Saka, well contained for much of the game, found himself with a few extra seconds to be able to shift the ball on his left foot and have a mini run at the defense, and then, noticing Trossard on his run, providing an inch perfect delivery to the back post. Trossard finished with the outside of his right foot. Nothing any defense could do.

Chelsea 2 (Palmer 15’, Mudryk 48’) – Arsenal 2 (Rice 77’, Trossard 84’)

The unlikeliest of recoveries was now on the cards. At this stage Arsenal seemed to be the only team poised to win the match, and Nketiah almost made it happen with an inventively executed volley, while being surrounded by two defenders, past the onrushing Sanchez. The ball rolled agonizingly past the far post.

Despite the seven minutes of extra time there were no big threats on either end of the goal. Chelsea was a bit shell-shocked, and the traveling Arsenal fans were evidently enjoying this unlikeliest of recoveries.

On a day when we played so poorly, a point away at a London derby against a well coached team of talented players is not the worst outing. As Rice – my man of the match – accepted with admirably brutal honesty, the team indeed was really poor for much of the match.

But it’s just one game, and one more opportunity for the squad, and the coaches, to learn more about themselves and each other.

Chelsea 2 (Palmer 15’, Mudryk 48’) – Arsenal 2 (Rice 77’, Trossard 84’)

24 Drinks to “Damp Squib at the Wet Bus Stop”

  1. 1
    Ollie says:

    Cheers, Dr F!
    Still don’t know what to think of this result, but considering how poorly we played for most of the match, it’s a good point earned, I think, with two excellent finishes.
    On top of the red to Palmer, there was another incident when Sanchez clattered into Jesus that could (should) have easily resulted into a penalty.
    But hey, on average, VAR is not our friend.

  2. 2
    Countryman100 says:

    Thank you Dr Faustus. You saw the same game in Boston as I did in row 17 of the Shed Upper. Mind you I almost never saw it at all …

    I prefer to drive to football with my son and I sharing the driving. My current state of health, with fatigue and balance issues mean that I find lengthy journeys on public transport wearing. Normally this isn’t an issue. I use one of two parking apps and always seem to find reasonably priced parking a short walk from the ground. That’s what I thought I had this time. However when I turned up 90 minutes before kickoff, I could see the house I was parking at. But the road to it was closed in all directions. The police were adamant- nobody in or out. So for a rather sweaty 45 minutes we searched for somewhere to park. We were probably within ten minutes of giving up and going home,tailsbetween our legs. Eventually the car park of the North End Road Waitrose proved our haven, although I risked a fine for overstaying the maximum 90 minutes.

    So we were off, into the teeming rain and walking towards Stamford Bridge, past Fulham Broadway station. It is a most curious ground. Normally you can see the floodlights rising above you as you make your way in.
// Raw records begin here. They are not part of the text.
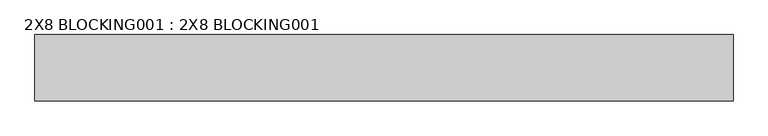
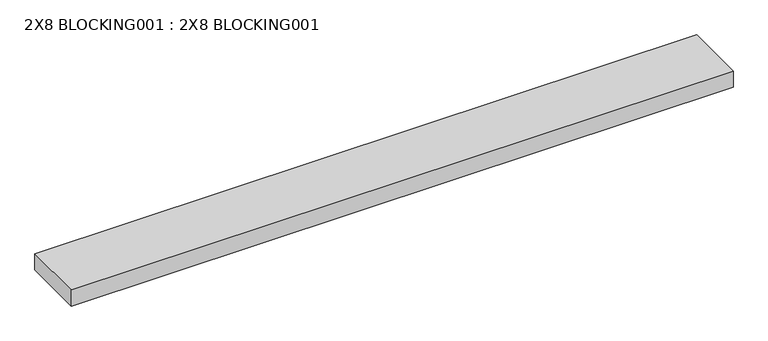
"""IFC4 building model written with IfcOpenShell, lengths in millimetres: proxy geometry, 2X8 BLOCKING001 : 2X8 BLOCKING001."""

from ifc_helpers import new_model, si_unit, frame, origin, place, context, project, spatial, polyline, outline, extrude, source, transform, mapped, element, save


def proxy_2x8_blocking001_2x8_blocking001_6d7b9a3e(model_context):
    return source(origin(), model_context, "Body", "SweptSolid", [
        extrude(outline(polyline([(12382.7678845, -5536.0675368), (12382.7678845, -5345.4245733), (14383.0178845, -5345.4245733), (14383.0178845, -5536.0675368), (12382.7678845, -5536.0675368)])), frame((0.0, 0.0, 40114.8623973), z_axis=(0.0, 0.0, 1.0), x_axis=(1.0, 0.0, 0.0)), (0.0, 0.0, 1.0), 51.9935355),
    ])


if __name__ == "__main__":
    model = new_model("IFC4")
    model_context = context("Model", 3, world=origin())
    ifc_project = project(units=[si_unit("LENGTHUNIT", "METRE", prefix="MILLI")], contexts=[model_context])
    site = spatial("IfcSite", under=ifc_project)
    building = spatial("IfcBuilding", under=site)
    placement = place(None, origin())
    proxy_2x8_blocking001_2x8_blocking001_shape = proxy_2x8_blocking001_2x8_blocking001_6d7b9a3e(model_context)
    element("IfcBuildingElementProxy", 1, Name="2X8 BLOCKING001 : 2X8 BLOCKING001", ObjectType="2X8 BLOCKING001 : 2X8 BLOCKING001", at=placement, inside=building, context=model_context, shape_type="MappedRepresentation", body=[
        mapped(proxy_2x8_blocking001_2x8_blocking001_shape, transform((0.0, 0.0, 0.0), x_axis=(1.0, 0.0, 0.0), y_axis=(0.0, 1.0, 0.0), z_axis=(0.0, 0.0, 1.0))),
    ])
    save(model, "model.ifc")

# Revit data of these elements
# Type "2X8 BLOCKING001 : 2X8 BLOCKING001"
#   NameOverride = "2X8 BLOCKING001"
# Element 1 (IfcBuildingElementProxy, "2X8 BLOCKING001 : 2X8 BLOCKING001")
#   Materials on its faces: "WOOD BLOCKING AS REQUIRED"
# Materials
#   "WOOD BLOCKING AS REQUIRED": class "Unassigned", colour RGB 166 124 85, transparency 0, Cost = 0

Not here. Instead it is more like a retail park, studded with luxury hotels. Eventually you come to a small set of turnstiles and you make your way in to a very narrow concourse (reminiscent of Molineux for those who have been) and then to your block and seat. Chelsea have recently invested in safe standing for upper tiers and I have to say it’s very good. I could stand, sing and support my team while leaning on a chest high rail in front of me that left zero chance of tumbling forward into the rows below. So bravo Chelsea. The only other grounds I’ve been to with this are the London Stadium and Anfield.

    It was a good view, directly behind the goal. It was also right on the frontline next to the Shed Chelsea fans. Use of wanker signs were de rigeur of course.

    Dr F describes the game very well as did Declan Rice after the game and it was pretty obvious that we were watching our worst performance of the season. That dampened the already damp crowd and the level of singing was more Emirates like than the usual raucous away fanatics. Chelsea singing was pretty pathetic, even at 2-0 up. So I’m going to draw a veil over the first 77 minutes. But then, right in front of us, Declan Rice woke us all up with that stunning, swerving, first time hit from the kind gift provided by Sanchez. Suddenly it was game on. We poured forwards. And then Saka conjured up that delicious ball deep into their area which Tross somehow got on the end of and steered home with the outside of his right boot. For the first time in real earnest we tested the safe standing rails and didn’t find them wanting. There was only one possible song

    Two nil …and you fucked it up! rang out to the rarified, expensively housed Fulham Road air. We were enjoying ourselves. Eddie maybe could have won it but just missed. Only one team were in it now – after being second best for much of the afternoon. It really was far from being even an average overall performance, but if you are 2-0 down with not long to go and you draw 2-2 it feels like a win.

    Two players stood out for me on a night when many were sub par. One from each team. Rice and Silva were head and shoulders the best players on the pitch.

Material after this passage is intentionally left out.